Overall, the data shown here highlights a promising new approach to studying SCLC using cfDNA, which could overcome the limitations of tissue-based analyses. Dr. Ha explained that “for tumors that may not always have clear actionable genomic alterations, this assay expands the boundaries for using ctDNA.” Both Drs. MacPherson and Ha were enthusiastic that while the research is at an early stage, with improvements, this method could be relatively easily implemented in the clinic, allowing for noninvasive diagnoses, monitoring and potentially the recognition of subtype-based therapeutics. “This work has important implications for non-invasive routes to detect clinically relevant subtypes have different transcriptional programs,” Dr. Ha explained. Dr. MacPherson added that “I see a key role for this type of test right now as a tool for broad phenotyping of responses to either investigational agents or even to standard of care to link either a gene mutation or a transcriptional subtype to strong responses or resistance, which would help in the design of the next version of a clinical trial.” The research team was also keen to express their gratitude for the collaborative nature of the Hutch which facilitated the teamwork between his and Dr. Ha’s labs. This work was jointly led by Joseph Hiatt and Anna-Lisa Doebley in the MacPherson and Ha labs. “It's very easy in this environment at the Hutch to have really rich, deep collaborations, and I think this is an excellent example of that,” Dr. MacPherson reflected.

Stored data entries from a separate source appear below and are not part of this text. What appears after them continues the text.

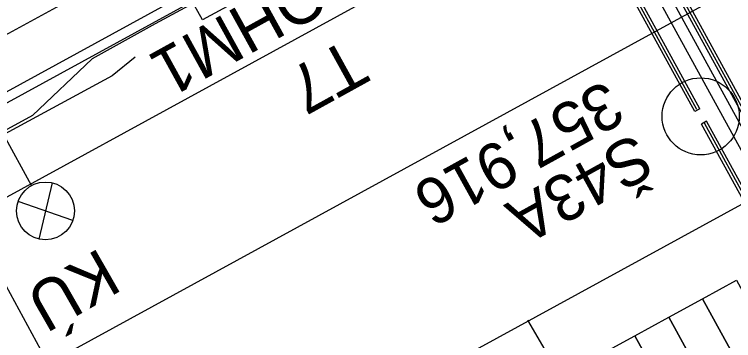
# Model space of a CAD drawing. Extents: x -783978 to -783565, y -1064821 to -1064596.
# Drawn here: x -783750.16 to -783731.52, y -1064683.97 to -1064675.51 of the extents above; entities that cross this region are included whole.
import ezdxf

# ---------------------------------------------------------------- set-up
doc = ezdxf.new("R2010")
doc.units = 0
for name, color, linetype in [('_PS_SO_číslo', 7, 'Continuous'), ('SO 01_10_01', 7, 'Continuous'), ('SO 01_11_01', 7, 'Continuous'), ('SO 01_12_01', 7, 'Continuous'), ('SO 01_20_01', 7, 'Continuous'), ('SO 01_50_01', 7, 'Continuous'), ('SO 01_77_01', 7, 'Continuous'), ('SO 01_79_02', 7, 'Continuous'), ('SO 01_86_02', 7, 'Continuous'), ('SO 01_86_03', 7, 'Continuous')]:
    doc.layers.add(name, color=color, linetype=linetype)

msp = doc.modelspace()

# ---------------------------------------------------------------- linework, layer by layer
at = {"layer": '_PS_SO_číslo'}
msp.add_line((-783736.861, -1064683.435), (-783709.803, -1064729.26), dxfattribs=at)
at = {"layer": 'SO 01_10_01'}
msp.add_line((-783746.877, -1064688.946), (-783768.587, -1064649.261), dxfattribs=at)
for points in [[(-783714.186, -1064665.36), (-783749.277, -1064684.559)], [(-783711.783, -1064669.747), (-783746.877, -1064688.946)]]:
    msp.add_lwpolyline(points, dxfattribs=at)
at = {"layer": 'SO 01_11_01'}
msp.add_circle((-783732.369, -1064678.155), 1, dxfattribs=at)
at = {"layer": 'SO 01_12_01'}
for points in [[(-783730.338, -1064684.419), (-783731.216, -1064684.899), (-783732.32, -1064682.881), (-783731.442, -1064682.401), (-783730.338, -1064684.419)], [(-783731.216, -1064684.899), (-783732.093, -1064685.379), (-783733.197, -1064683.361), (-783732.32, -1064682.881), (-783731.216, -1064684.899)], [(-783732.093, -1064685.379), (-783732.97, -1064685.859), (-783734.074, -1064683.841), (-783733.197, -1064683.361), (-783732.093, -1064685.379)], [(-783732.97, -1064685.859), (-783733.848, -1064686.339), (-783734.952, -1064684.321), (-783734.074, -1064683.841), (-783732.97, -1064685.859)]]:
    msp.add_lwpolyline(points, dxfattribs=at)
at = {"layer": 'SO 01_20_01'}
for p, q in [((-783728.346, -1064683.477), (-783735.93, -1064669.616)), ((-783728.28, -1064683.441), (-783735.864, -1064669.58)), ((-783728.215, -1064683.405), (-783735.798, -1064669.544)), ((-783729.171, -1064682.96), (-783736.202, -1064670.107)), ((-783732.524, -1064678.029), (-783736.707, -1064670.383)), ((-783732.465, -1064677.98), (-783736.641, -1064670.347)), ((-783732.393, -1064677.957), (-783736.575, -1064670.311)), ((-783728.907, -1064682.816), (-783735.695, -1064670.411)), ((-783736.401, -1064670.786), (-783745.288, -1064675.648)), ((-783746.296, -1064673.806), (-783785.835, -1064695.438)), ((-783745.288, -1064675.648), (-783746.296, -1064673.806)), ((-783732.393, -1064677.957), (-783732.524, -1064678.029)), ((-783732.215, -1064678.282), (-783732.346, -1064678.354)), ((-783729.675, -1064683.236), (-783732.346, -1064678.354)), ((-783729.61, -1064683.2), (-783732.273, -1064678.331)), ((-783729.544, -1064683.164), (-783732.215, -1064678.282))]:
    msp.add_line(p, q, dxfattribs=at)
at = {"layer": 'SO 01_50_01'}
for points in [[(-783783.629, -1064698.439), (-783735.703, -1064672.219)], [(-783784.775, -1064696.34), (-783745.233, -1064674.706)], [(-783784.655, -1064696.56), (-783745.113, -1064674.926)]]:
    msp.add_lwpolyline(points, dxfattribs=at)
at = {"layer": 'SO 01_79_02'}
msp.add_lwpolyline([(-783745.082, -1064674.977), (-783746.507, -1064675.757), (-783748.147, -1064676.664), (-783749.691, -1064678.136), (-783784.257, -1064697.013), (-783798.19, -1064704.62), (-783800.06, -1064705.37), (-783802.52, -1064706.72), (-783803.71, -1064707.63), (-783853.11, -1064734.61), (-783855.1, -1064735.3), (-783857.05, -1064736.37), (-783858.65, -1064737.64), (-783871.68, -1064744.75), (-783877.056, -1064744.607), (-783887.429, -1064744.062), (-783898.089, -1064743.49), (-783899.421, -1064743.418)], dxfattribs=at)
at = {"layer": 'SO 01_86_02'}
for p, q in [((-783749.714, -1064679.949), (-783750.434, -1064678.633)), ((-783749.182, -1064679.877), (-783749.527, -1064681.334)), ((-783748.648, -1064680.853), (-783750.061, -1064680.358))]:
    msp.add_line(p, q, dxfattribs=at)
msp.add_circle((-783749.355, -1064680.605), 0.749, dxfattribs=at)
at = {"layer": 'SO 01_86_03'}
msp.add_lwpolyline([(-783747.03, -1064676.621), (-783747.624, -1064677.108), (-783750.73, -1064678.782), (-783751.666, -1064678.852), (-783782.681, -1064695.831), (-783782.888, -1064696.692), (-783783.062, -1064696.82), (-783783.359, -1064696.803), (-783786.817, -1064690.18), (-783787.333, -1064689.237), (-783735.21, -1064660.697), (-783724.821, -1064663.049), (-783722.521, -1064661.793)], dxfattribs=at)

# ---------------------------------------------------------------- texts
at = {"layer": 'SO 01_10_01'}
msp.add_text('KÚ', height=1.25, rotation=209.8143, dxfattribs=at).set_placement((-783747.939, -1064681.546))
at = {"layer": 'SO 01_11_01'}
for s, p in [('357,916', (-783734.827, -1064677.192)), ('Š43A', (-783734.069, -1064678.562))]:
    msp.add_text(s, height=1.2, rotation=208.9798, dxfattribs=at).set_placement(p)
at = {"layer": 'SO 01_77_01'}
for s, p in [('OHM1', (-783742.511, -1064674.265)), ('T7', (-783741.494, -1064676.107))]:
    msp.add_text(s, height=1.25, rotation=208.9107, dxfattribs=at).set_placement(p)

doc.saveas('drawing.dxf')

This spotlight work was funded by the National Institutes of Health, the Kuni Foundation Discovery Grants for Cancer Research, the Conquer Cancer Foundation and the CRUK.
Fred Hutch/University of Washington/Seattle Children’s Cancer Center Consortium members Drs. Rafael Santana-Davila, Keith Eaton, McGarry Houghton, Gavin Ha and David MacPherson contributed to this work.
Hiatt JB, Doebley AL, Arnold HU, Adil M, Sandborg H, Persse TW, Ko M, Wu F, Quintanal Villalonga A, Santana-Davila R, Eaton K, Dive C, Rudin CM, Thomas A, Houghton AM, Ha G, MacPherson D. Molecular phenotyping of small cell lung cancer using targeted cfDNA profiling of transcriptional regulatory regions. Sci Adv. 2024 Apr 12;10(15):eadk2082. doi: 10.1126/sciadv.adk2082. Epub 2024 Apr 10. PMID: 38598634; PMCID: PMC11006233.